Berliner Landeskriminalamt soll bereits im Dezember 2011 von der heiklen Verbindung seines V-Mannes zur NSU-Terrorgruppe gewusst haben.
Berlin. Bei der Aufklärung der Informationspannen um den Berliner V-Mann Thomas S. werden immer neue brisante Details aufgedeckt. Das Berliner Landeskriminalamt (LKA) wusste wohl bereits im Dezember 2011 und damit zwei bis drei Monate früher als bislang bekannt von der heiklen Verbindung seines V-Mannes zur NSU-Terrorgruppe. Schon einen Monat nach Bekanntwerden der Neonazi-Mordserie hatte das Bundeskriminalamt (BKA) in Berlin Erkenntnisse zu dem Unterstützer des rechtsextremistischen Trios abgefragt, wie es aus Sicherheitskreisen heißt.
Berlins Innensenator Frank Henkel (CDU) muss an diesem Dienstagnachmittag im Innenausschuss des Abgeordnetenhauses zur V-Mann-Affäre Stellung nehmen. Auch die amtierende Polizeipräsidentin Margarete Koppers soll sich dazu äußern.
Linken-Fraktionschef Udo Wolf sagte: „Die spannende Frage ist vor allem, ab wann Innensenator Frank Henkel davon gewusst, und warum er das Parlament belogen hat.“ Henkel stehe jetzt mehr denn je in der Pflicht, alle Akten und Zeugenaussagen offenzulegen.
Auch der Innenexperte der Grünen-Fraktion, Benedikt Lux, verlangte Aufklärung darüber, wann die Leitung des LKA und der Senat über diesen V-Mann und dessen Infos zur NSU informiert worden seien. „Wenn das zutrifft, bestätigt sich der Eindruck, dass die eine Hand nicht wusste, was die andere macht“, kritisierte Lux. Er kündigte an, dass die Grünen Henkels Vorgänger Ehrhart Körting (SPD) am kommenden Montag in die nächste Sitzung des Innenausschusses laden wollen.

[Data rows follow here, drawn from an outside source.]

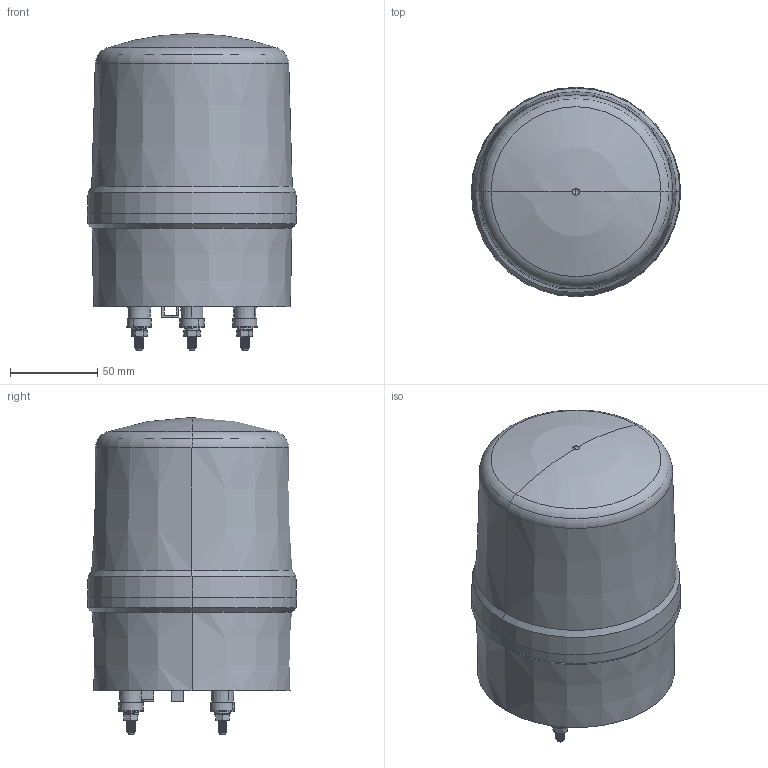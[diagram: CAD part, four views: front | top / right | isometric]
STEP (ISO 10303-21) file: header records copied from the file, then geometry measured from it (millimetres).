
FILE_DESCRIPTION((''),'2;1');
FILE_NAME('PRT0003','2016-06-18T',('Administrator'),(''),'PRO/ENGINEER BY PARAMETRIC TECHNOLOGY CORPORATION, 2012360','PRO/ENGINEER BY PARAMETRIC TECHNOLOGY CORPORATION, 2012360','');
FILE_SCHEMA(('CONFIG_CONTROL_DESIGN'));
Length unit declared in the file: millimetre
Products named in the file (1): PRT0003
Bounding box: 120 x 120 x 181.49 mm (x, y, z)
Volume: 191749.8 mm3; surface area: 162655.8 mm2
Topology: 1 solids, 1 shells, 910 faces, 2483 edges, 1586 vertices
Faces by surface type: cylinder 299, plane 288, bspline 187, cone 104, torus 14, sphere 12, extrusion 6
Entity records: 50698 total; most frequent: CARTESIAN_POINT 29611, ORIENTED_EDGE 4950, DIRECTION 3460, EDGE_CURVE 2475, VERTEX_POINT 1586, AXIS2_PLACEMENT_3D 1163, VECTOR 1134, LINE 1128

Körting war am Montag aus der Bund-Länder-Kommission zur Aufarbeitung der Neonazi-Morde ausgetreten. Er wolle jeden Anschein der Befangenheit vermeiden, erklärte der Ex-Innensenator. Zugleich versicherte er: „Mit diesem Vorgang bin ich zu meiner Amtszeit als Senator für Inneres nach meiner sicheren Erinnerung weder im Jahr 2002 noch zu einem späteren Zeitpunkt befasst worden.“
Der SPD-Innenexperte Thomas Kleineidam warnte vor voreiligen Schlussfolgerungen. Wer wann was gewusst habe, das solle ja der NSU-Untersuchungsausschuss erst aufklären. Er halte es für möglich, dass die Beamten des polizeilichen Staatsschutzes in Berlin auch im Dezember 2011 nicht sofort die Verbindung zwischen ihrem V-Mann Thomas S. und der NSU-Terrortruppe hergestellt hätten. „Die haben eine Menge mehr Akten auf dem Tisch und nicht alle Namen im Kopf“, sagte Kleineidam. Doch bisher sei alles Spekulation.
Thomas S. hatte dem LKA bereits 2002 Hinweise zu der gesuchten rechtsextremen Terrorgruppe gegeben. Unklar ist, was mit den Informationen passierte und ob diese an die zuständigen Behörden weitergeleitet wurden.
Auf die BKA-Anfragen vom Dezember sowie einer weiteren vom Januar teilte das LKA mit, S. sei Beschuldigter im Verfahren gegen die inzwischen verbotene Nazi-Band „Landser“ und in der sächsischen rechten Szene aktiv. Dass er aber rund zehn Jahre als V-Mann für das LKA arbeitete, wurde dem BKA nicht mitgeteilt.